[Start of section]
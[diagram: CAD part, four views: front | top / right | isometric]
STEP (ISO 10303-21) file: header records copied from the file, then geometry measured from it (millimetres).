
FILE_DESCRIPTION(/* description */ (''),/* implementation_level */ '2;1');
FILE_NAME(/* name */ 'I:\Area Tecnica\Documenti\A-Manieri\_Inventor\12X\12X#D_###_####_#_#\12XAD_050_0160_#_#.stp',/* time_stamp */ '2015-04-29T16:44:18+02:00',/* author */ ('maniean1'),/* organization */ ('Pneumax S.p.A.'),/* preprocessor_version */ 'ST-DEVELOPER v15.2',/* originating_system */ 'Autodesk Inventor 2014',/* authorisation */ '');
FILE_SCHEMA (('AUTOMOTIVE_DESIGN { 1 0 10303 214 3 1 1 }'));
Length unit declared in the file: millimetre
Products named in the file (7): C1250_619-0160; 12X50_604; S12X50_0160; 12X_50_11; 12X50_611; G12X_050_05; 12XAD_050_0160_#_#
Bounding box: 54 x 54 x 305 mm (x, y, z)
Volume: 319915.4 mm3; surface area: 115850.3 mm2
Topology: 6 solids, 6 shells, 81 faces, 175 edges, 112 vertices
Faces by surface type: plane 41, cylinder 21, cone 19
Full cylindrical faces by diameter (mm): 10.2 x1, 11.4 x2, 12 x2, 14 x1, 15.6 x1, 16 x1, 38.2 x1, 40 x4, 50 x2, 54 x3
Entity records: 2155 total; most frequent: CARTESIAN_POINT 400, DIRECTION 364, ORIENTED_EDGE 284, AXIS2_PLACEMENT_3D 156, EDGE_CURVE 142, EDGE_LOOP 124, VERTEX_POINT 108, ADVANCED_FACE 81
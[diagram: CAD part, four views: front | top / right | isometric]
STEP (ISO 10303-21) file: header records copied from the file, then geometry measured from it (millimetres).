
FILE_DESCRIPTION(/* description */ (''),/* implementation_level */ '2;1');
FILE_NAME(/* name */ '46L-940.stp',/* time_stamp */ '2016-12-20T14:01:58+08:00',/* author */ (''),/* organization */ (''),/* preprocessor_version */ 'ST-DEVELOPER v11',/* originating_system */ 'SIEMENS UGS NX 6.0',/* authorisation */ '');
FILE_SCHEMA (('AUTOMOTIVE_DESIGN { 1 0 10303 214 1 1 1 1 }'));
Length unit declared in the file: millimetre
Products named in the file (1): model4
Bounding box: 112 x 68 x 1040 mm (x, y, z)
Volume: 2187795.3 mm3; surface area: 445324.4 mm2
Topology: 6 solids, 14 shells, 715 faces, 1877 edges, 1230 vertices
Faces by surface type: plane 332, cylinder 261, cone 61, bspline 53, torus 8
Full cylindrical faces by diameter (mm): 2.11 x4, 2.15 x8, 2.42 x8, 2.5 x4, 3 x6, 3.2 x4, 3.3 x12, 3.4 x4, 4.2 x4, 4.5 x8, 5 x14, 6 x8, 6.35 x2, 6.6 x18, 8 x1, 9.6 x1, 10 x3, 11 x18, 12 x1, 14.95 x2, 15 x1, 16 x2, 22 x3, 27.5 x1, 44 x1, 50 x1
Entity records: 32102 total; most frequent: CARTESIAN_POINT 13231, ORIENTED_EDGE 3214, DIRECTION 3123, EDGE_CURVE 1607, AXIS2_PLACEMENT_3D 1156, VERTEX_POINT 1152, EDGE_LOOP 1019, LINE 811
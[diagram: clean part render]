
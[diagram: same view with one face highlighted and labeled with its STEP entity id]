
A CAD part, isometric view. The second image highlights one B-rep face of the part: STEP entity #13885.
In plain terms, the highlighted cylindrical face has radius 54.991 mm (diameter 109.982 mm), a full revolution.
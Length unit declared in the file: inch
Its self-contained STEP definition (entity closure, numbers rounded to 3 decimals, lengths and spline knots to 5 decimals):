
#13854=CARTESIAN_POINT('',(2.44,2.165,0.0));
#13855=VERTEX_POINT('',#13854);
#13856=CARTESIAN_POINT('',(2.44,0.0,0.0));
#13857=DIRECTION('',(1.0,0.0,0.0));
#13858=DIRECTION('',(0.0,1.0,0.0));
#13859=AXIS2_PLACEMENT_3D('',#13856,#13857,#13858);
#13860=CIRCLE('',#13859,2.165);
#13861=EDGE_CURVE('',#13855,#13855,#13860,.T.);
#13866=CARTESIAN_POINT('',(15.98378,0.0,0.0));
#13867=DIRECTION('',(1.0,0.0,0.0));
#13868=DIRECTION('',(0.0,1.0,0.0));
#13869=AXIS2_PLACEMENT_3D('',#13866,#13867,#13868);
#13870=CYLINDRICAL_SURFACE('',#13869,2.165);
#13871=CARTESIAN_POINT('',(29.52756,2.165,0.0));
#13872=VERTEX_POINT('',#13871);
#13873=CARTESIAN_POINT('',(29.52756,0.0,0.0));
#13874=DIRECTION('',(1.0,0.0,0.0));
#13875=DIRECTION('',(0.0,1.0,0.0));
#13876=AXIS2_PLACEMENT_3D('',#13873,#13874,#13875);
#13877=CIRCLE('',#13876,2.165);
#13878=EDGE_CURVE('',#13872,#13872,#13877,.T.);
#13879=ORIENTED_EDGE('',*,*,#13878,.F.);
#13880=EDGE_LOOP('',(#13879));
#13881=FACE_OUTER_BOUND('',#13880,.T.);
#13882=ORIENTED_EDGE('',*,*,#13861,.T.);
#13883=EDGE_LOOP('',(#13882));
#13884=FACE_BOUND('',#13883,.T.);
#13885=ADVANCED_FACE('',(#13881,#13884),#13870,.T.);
[End of section]
*EXERCISE BRIEF*: Copy the lines above exactly, beginning at the line that has "[diagram: clean part render]" and stopping after the line that has "#13876=AXIS2_PLACEMENT_3D('',#13873,#13874,#13875);", and omit the rest.

*OUTPUT*:
[diagram: clean part render]
[diagram: same view with one face highlighted and labeled with its STEP entity id]
A CAD part, isometric view. The second image highlights one B-rep face of the part: STEP entity #13885.
In plain terms, the highlighted cylindrical face has radius 54.991 mm (diameter 109.982 mm), a full revolution.
Length unit declared in the file: inch
Its self-contained STEP definition (entity closure, numbers rounded to 3 decimals, lengths and spline knots to 5 decimals):
#13854=CARTESIAN_POINT('',(2.44,2.165,0.0));
#13855=VERTEX_POINT('',#13854);
#13856=CARTESIAN_POINT('',(2.44,0.0,0.0));
#13857=DIRECTION('',(1.0,0.0,0.0));
#13858=DIRECTION('',(0.0,1.0,0.0));
#13859=AXIS2_PLACEMENT_3D('',#13856,#13857,#13858);
#13860=CIRCLE('',#13859,2.165);
#13861=EDGE_CURVE('',#13855,#13855,#13860,.T.);
#13866=CARTESIAN_POINT('',(15.98378,0.0,0.0));
#13867=DIRECTION('',(1.0,0.0,0.0));
#13868=DIRECTION('',(0.0,1.0,0.0));
#13869=AXIS2_PLACEMENT_3D('',#13866,#13867,#13868);
#13870=CYLINDRICAL_SURFACE('',#13869,2.165);
#13871=CARTESIAN_POINT('',(29.52756,2.165,0.0));
#13872=VERTEX_POINT('',#13871);
#13873=CARTESIAN_POINT('',(29.52756,0.0,0.0));
#13874=DIRECTION('',(1.0,0.0,0.0));
#13875=DIRECTION('',(0.0,1.0,0.0));
#13876=AXIS2_PLACEMENT_3D('',#13873,#13874,#13875);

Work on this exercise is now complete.